* _EXERCISE GOAL_
What you submit must be an exact copy of the listing below, with no images in it.

* _RECORDS_

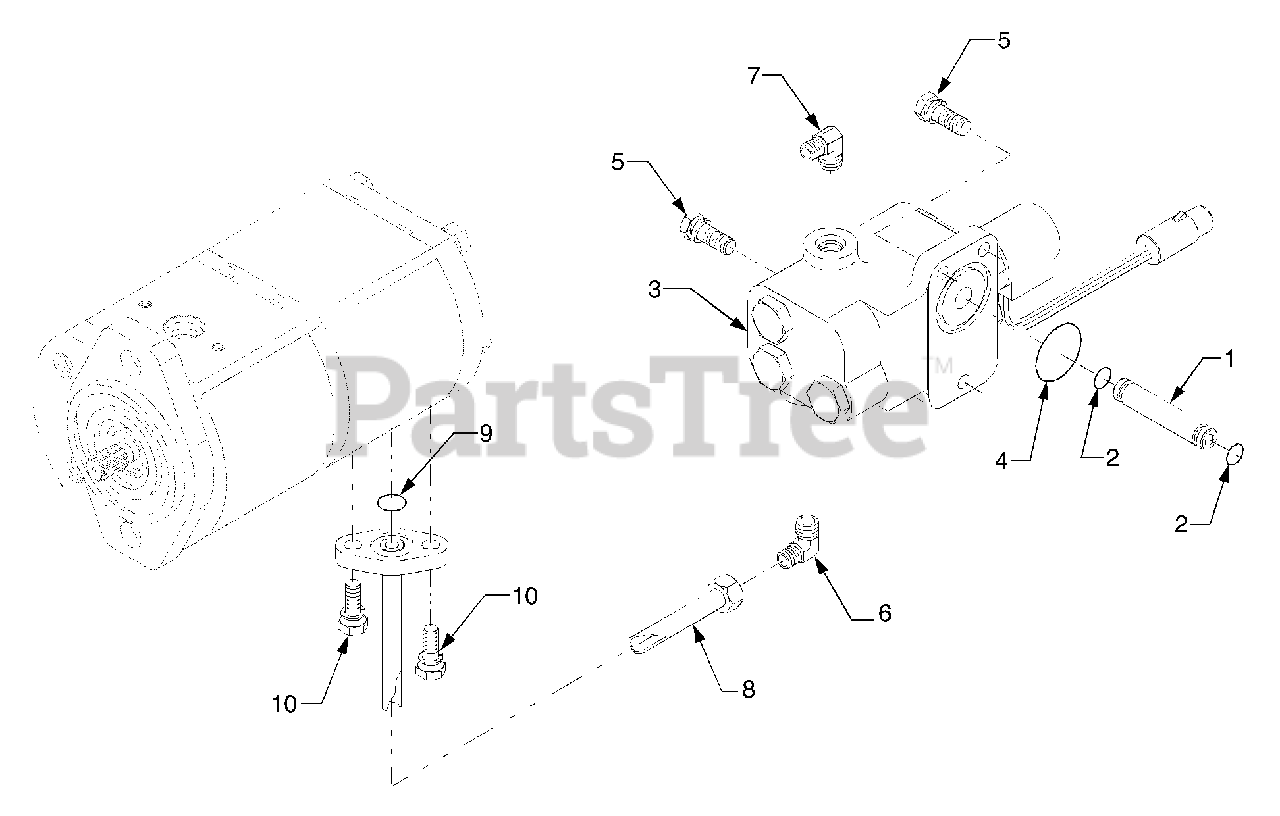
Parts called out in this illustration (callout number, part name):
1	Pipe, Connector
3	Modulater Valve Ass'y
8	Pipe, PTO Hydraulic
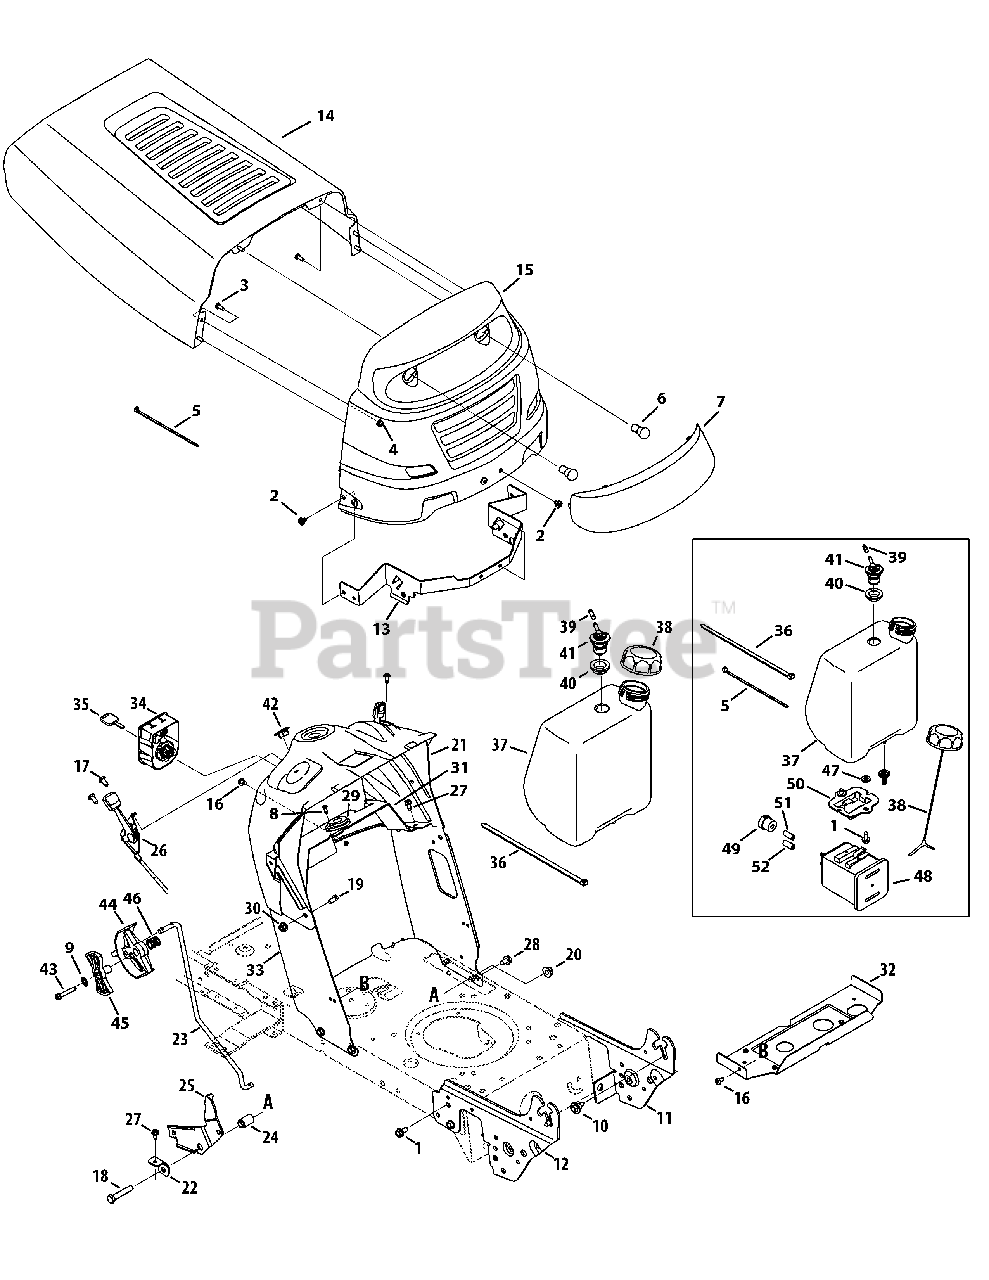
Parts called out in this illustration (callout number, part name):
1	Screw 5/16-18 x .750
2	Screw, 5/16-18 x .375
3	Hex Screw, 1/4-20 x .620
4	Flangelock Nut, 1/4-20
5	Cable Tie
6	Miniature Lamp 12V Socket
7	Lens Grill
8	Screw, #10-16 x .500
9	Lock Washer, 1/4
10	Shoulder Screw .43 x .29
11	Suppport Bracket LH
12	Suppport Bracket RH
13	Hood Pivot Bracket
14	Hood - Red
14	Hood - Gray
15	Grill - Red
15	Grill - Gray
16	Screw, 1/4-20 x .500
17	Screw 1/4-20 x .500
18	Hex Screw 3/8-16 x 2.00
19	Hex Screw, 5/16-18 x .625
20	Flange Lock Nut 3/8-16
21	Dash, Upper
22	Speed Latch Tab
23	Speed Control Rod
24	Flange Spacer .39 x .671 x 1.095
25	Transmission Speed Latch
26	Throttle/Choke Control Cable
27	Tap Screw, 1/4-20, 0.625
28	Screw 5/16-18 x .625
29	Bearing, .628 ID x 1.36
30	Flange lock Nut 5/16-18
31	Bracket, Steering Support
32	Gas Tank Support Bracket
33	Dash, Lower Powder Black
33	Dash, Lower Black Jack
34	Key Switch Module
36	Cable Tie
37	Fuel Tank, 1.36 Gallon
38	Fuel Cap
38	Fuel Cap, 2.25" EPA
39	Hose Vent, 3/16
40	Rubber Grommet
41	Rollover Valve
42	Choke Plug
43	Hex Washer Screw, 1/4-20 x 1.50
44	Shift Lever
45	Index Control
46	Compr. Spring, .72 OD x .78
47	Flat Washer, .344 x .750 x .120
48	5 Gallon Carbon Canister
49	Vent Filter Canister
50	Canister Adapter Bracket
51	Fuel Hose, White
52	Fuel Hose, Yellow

* _SOLUTION FOR THIS TASK_
Parts called out in this illustration (callout number, part name):
1	Pipe, Connector
3	Modulater Valve Ass'y
8	Pipe, PTO Hydraulic
Parts called out in this illustration (callout number, part name):
1	Screw 5/16-18 x .750
2	Screw, 5/16-18 x .375
3	Hex Screw, 1/4-20 x .620
4	Flangelock Nut, 1/4-20
5	Cable Tie
6	Miniature Lamp 12V Socket
7	Lens Grill
8	Screw, #10-16 x .500
9	Lock Washer, 1/4
10	Shoulder Screw .43 x .29
11	Suppport Bracket LH
12	Suppport Bracket RH
13	Hood Pivot Bracket
14	Hood - Red
14	Hood - Gray
15	Grill - Red
15	Grill - Gray
16	Screw, 1/4-20 x .500
17	Screw 1/4-20 x .500
18	Hex Screw 3/8-16 x 2.00
19	Hex Screw, 5/16-18 x .625
20	Flange Lock Nut 3/8-16
21	Dash, Upper
22	Speed Latch Tab
23	Speed Control Rod
24	Flange Spacer .39 x .671 x 1.095
25	Transmission Speed Latch
26	Throttle/Choke Control Cable
27	Tap Screw, 1/4-20, 0.625
28	Screw 5/16-18 x .625
29	Bearing, .628 ID x 1.36
30	Flange lock Nut 5/16-18
31	Bracket, Steering Support
32	Gas Tank Support Bracket
33	Dash, Lower Powder Black
33	Dash, Lower Black Jack
34	Key Switch Module
36	Cable Tie
37	Fuel Tank, 1.36 Gallon
38	Fuel Cap
38	Fuel Cap, 2.25" EPA
39	Hose Vent, 3/16
40	Rubber Grommet
41	Rollover Valve
42	Choke Plug
43	Hex Washer Screw, 1/4-20 x 1.50
44	Shift Lever
45	Index Control
46	Compr. Spring, .72 OD x .78
47	Flat Washer, .344 x .750 x .120
48	5 Gallon Carbon Canister
49	Vent Filter Canister
50	Canister Adapter Bracket
51	Fuel Hose, White
52	Fuel Hose, Yellow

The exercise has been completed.